What is required: Each entry is to be reproduced verbatim, and images are to be omitted.

*** Block opens ***

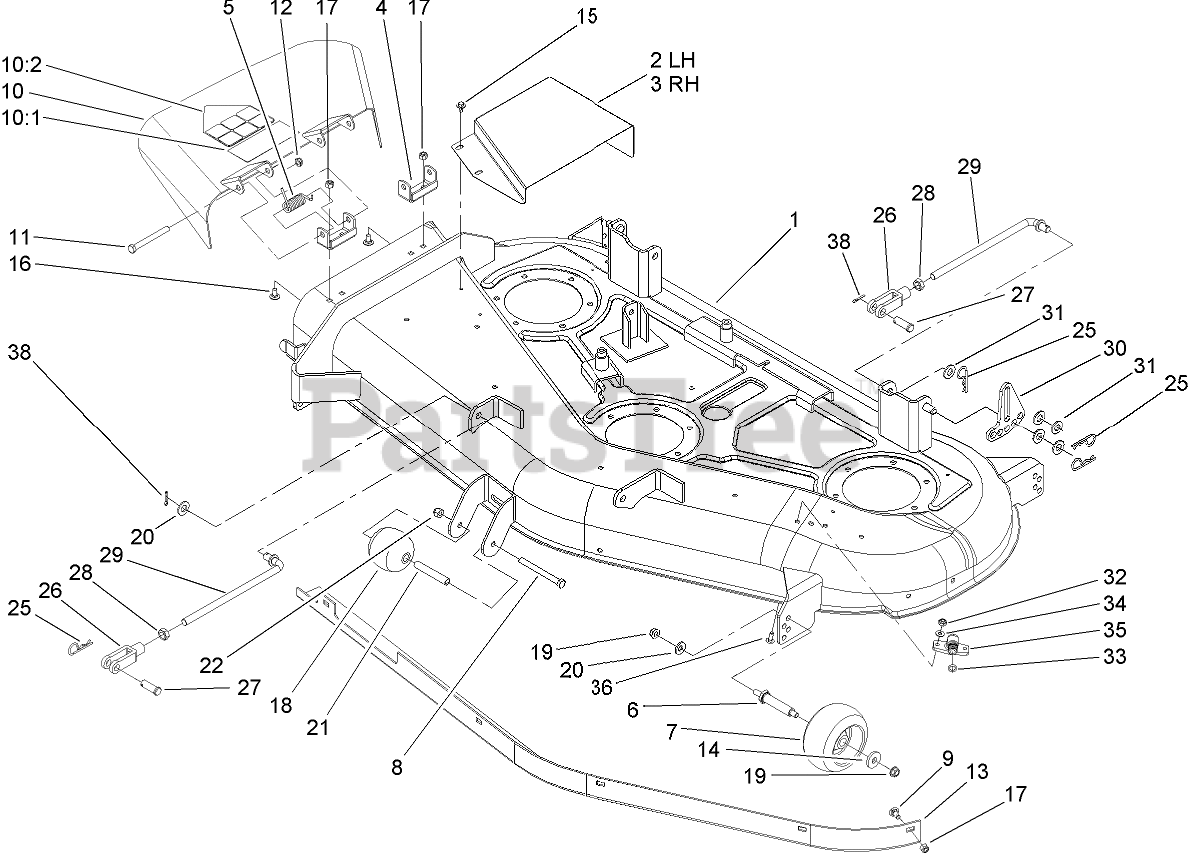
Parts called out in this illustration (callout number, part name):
1	52 INCH DECK ASM
2	COVER-BELT, LH
3	COVER-BELT, RH
4	BRACKET-PIVOT
5	SPRING
6	SPACER
7	ROLLER-SCALP, ANTI
8	SCREW-HH
9	SCREW-CARR
10	DEFLECTOR ASM
10:1	DECAL-DANGER
10:2	DECAL-DANGER
11	SCREW-HH
12	NUT-HEX
14	WASHER
15	SCREW-HHFTF
16	SCREW-CARR
17	NUT-LOCK, NI
18	ROLLER
19	NUT-HHF, WHIZ
20	WASHER-BELLEVILLE
21	TUBE-SPACER, WHEEL
22	NUT-LOCK, NI
25	PIN-COTTER
26	CLEVIS
27	PIN-CLEVIS
28	NUT-JAM
29	ROD-TRUNION
30	LINK-HOC, ADJUSTING
31	WASHER-FLAT
32	NUT-LOCK, NI
33	O-RING
34	WASHER-FLAT
35	FITTING-WASHOUT
36	BOLT-CARR
38	PIN-COTTER
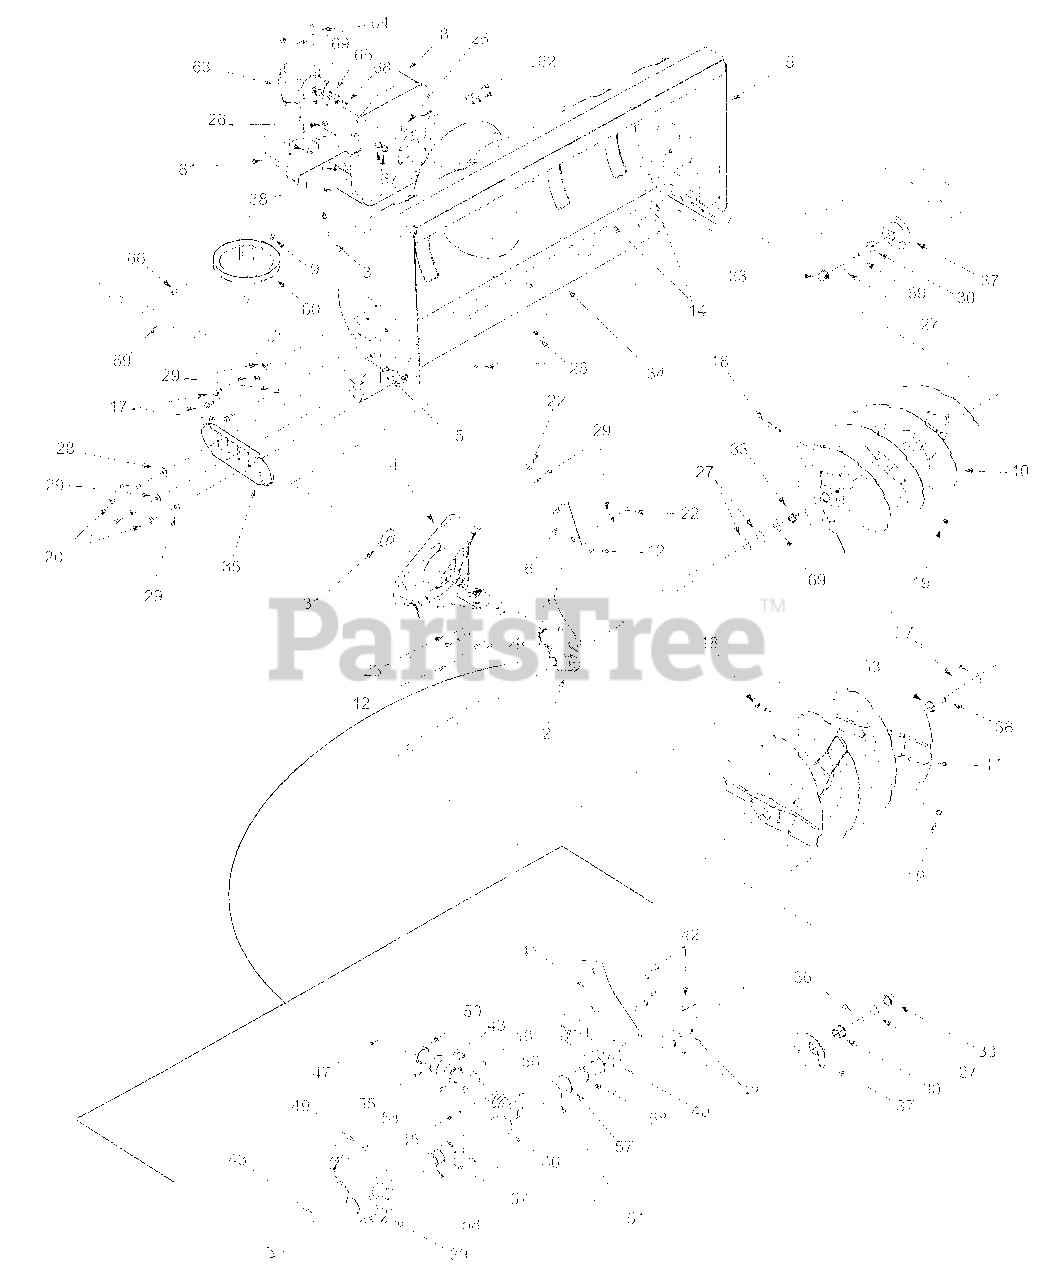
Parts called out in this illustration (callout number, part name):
2	Auger Gear Case
3	Belt Keeper Rod
14	Carriage Bolt, 5/16-18 x .62
15	Splined Carriage Screw, 5/16-18 x 1.0
17	Self Tapping Screw, 5/16-18 x .625
18	Shear Bolt, 5/16-18 x 1.5
19	Hex Lock Nut, 5/16-18
20	Hex Nut, 5/16-18
22	Hex Nut, 5/16-24
23	Spirol Pin, 1/4 x 1-1/2
26	Flange Lock Nut, 5/16-18
27	Flat Washer, .76 x 1.49 x .06
28	Flat Washer, .344 x 1.125 x .12
29	Bell Washer, .340 x .872
30	Hex Flange Bearing, .75 ID
31	Flange Ball Bearing, .75 x 1.85
33	Flange Bushing, .80 x .91
36	Spacer, .75 2 x .5
39	RH Reducer Housing
40	LH Reducer Housing
42	Self Tapping Screw, 1/4-20 x .75
43	Spiral Axle, 41.5"
45	Spring Spirol Pin, .25 x 1.25
46	Worm Gear, 20-tooth
47	Worm Shaft
48	Thrust Collar
49	Grease Plug
50	Grease Seal
51	Flat Washer, .76 x 1.5 x .030
54	Thrust Bearing, .75 x 1.25 x .078
55	Flange Bearing, .75 x 1.0 x .59
56	Flange Bearing, .503 x .75
57	Flange Bearing, .754 x 1.0 x .925
58	Grease Seal
59	Lower V-belt
60	Drive Pulley, 7"
61	Drive Mounting Bracket
62	Hex Cap Screw, 3/8-16 x .75
63	Right Angle Drive
64	Hex Cap Screw, 3/8-16 x 1.0
65	Coupling
66	Socket Head Cap Screw, 5/16-18 x 1.75
67	Flange Lock Nut, 3/8-16
68	Square Key, 3/16 x .75
69	Hi-pro Key, 3/16 x .75

*** Block closes ***

Response area:
Parts called out in this illustration (callout number, part name):
1	52 INCH DECK ASM
2	COVER-BELT, LH
3	COVER-BELT, RH
4	BRACKET-PIVOT
5	SPRING
6	SPACER
7	ROLLER-SCALP, ANTI
8	SCREW-HH
9	SCREW-CARR
10	DEFLECTOR ASM
10:1	DECAL-DANGER
10:2	DECAL-DANGER
11	SCREW-HH
12	NUT-HEX
14	WASHER
15	SCREW-HHFTF
16	SCREW-CARR
17	NUT-LOCK, NI
18	ROLLER
19	NUT-HHF, WHIZ
20	WASHER-BELLEVILLE
21	TUBE-SPACER, WHEEL
22	NUT-LOCK, NI
25	PIN-COTTER
26	CLEVIS
27	PIN-CLEVIS
28	NUT-JAM
29	ROD-TRUNION
30	LINK-HOC, ADJUSTING
31	WASHER-FLAT
32	NUT-LOCK, NI
33	O-RING
34	WASHER-FLAT
35	FITTING-WASHOUT
36	BOLT-CARR
38	PIN-COTTER
Parts called out in this illustration (callout number, part name):
2	Auger Gear Case
3	Belt Keeper Rod
14	Carriage Bolt, 5/16-18 x .62
15	Splined Carriage Screw, 5/16-18 x 1.0
17	Self Tapping Screw, 5/16-18 x .625
18	Shear Bolt, 5/16-18 x 1.5
19	Hex Lock Nut, 5/16-18
20	Hex Nut, 5/16-18
22	Hex Nut, 5/16-24
23	Spirol Pin, 1/4 x 1-1/2
26	Flange Lock Nut, 5/16-18
27	Flat Washer, .76 x 1.49 x .06
28	Flat Washer, .344 x 1.125 x .12
29	Bell Washer, .340 x .872
30	Hex Flange Bearing, .75 ID
31	Flange Ball Bearing, .75 x 1.85
33	Flange Bushing, .80 x .91
36	Spacer, .75 2 x .5
39	RH Reducer Housing
40	LH Reducer Housing
42	Self Tapping Screw, 1/4-20 x .75
43	Spiral Axle, 41.5"
45	Spring Spirol Pin, .25 x 1.25
46	Worm Gear, 20-tooth
47	Worm Shaft
48	Thrust Collar
49	Grease Plug
50	Grease Seal
51	Flat Washer, .76 x 1.5 x .030
54	Thrust Bearing, .75 x 1.25 x .078
55	Flange Bearing, .75 x 1.0 x .59
56	Flange Bearing, .503 x .75
57	Flange Bearing, .754 x 1.0 x .925
58	Grease Seal
59	Lower V-belt
60	Drive Pulley, 7"
61	Drive Mounting Bracket
62	Hex Cap Screw, 3/8-16 x .75
63	Right Angle Drive
64	Hex Cap Screw, 3/8-16 x 1.0
65	Coupling
66	Socket Head Cap Screw, 5/16-18 x 1.75
67	Flange Lock Nut, 3/8-16
68	Square Key, 3/16 x .75
69	Hi-pro Key, 3/16 x .75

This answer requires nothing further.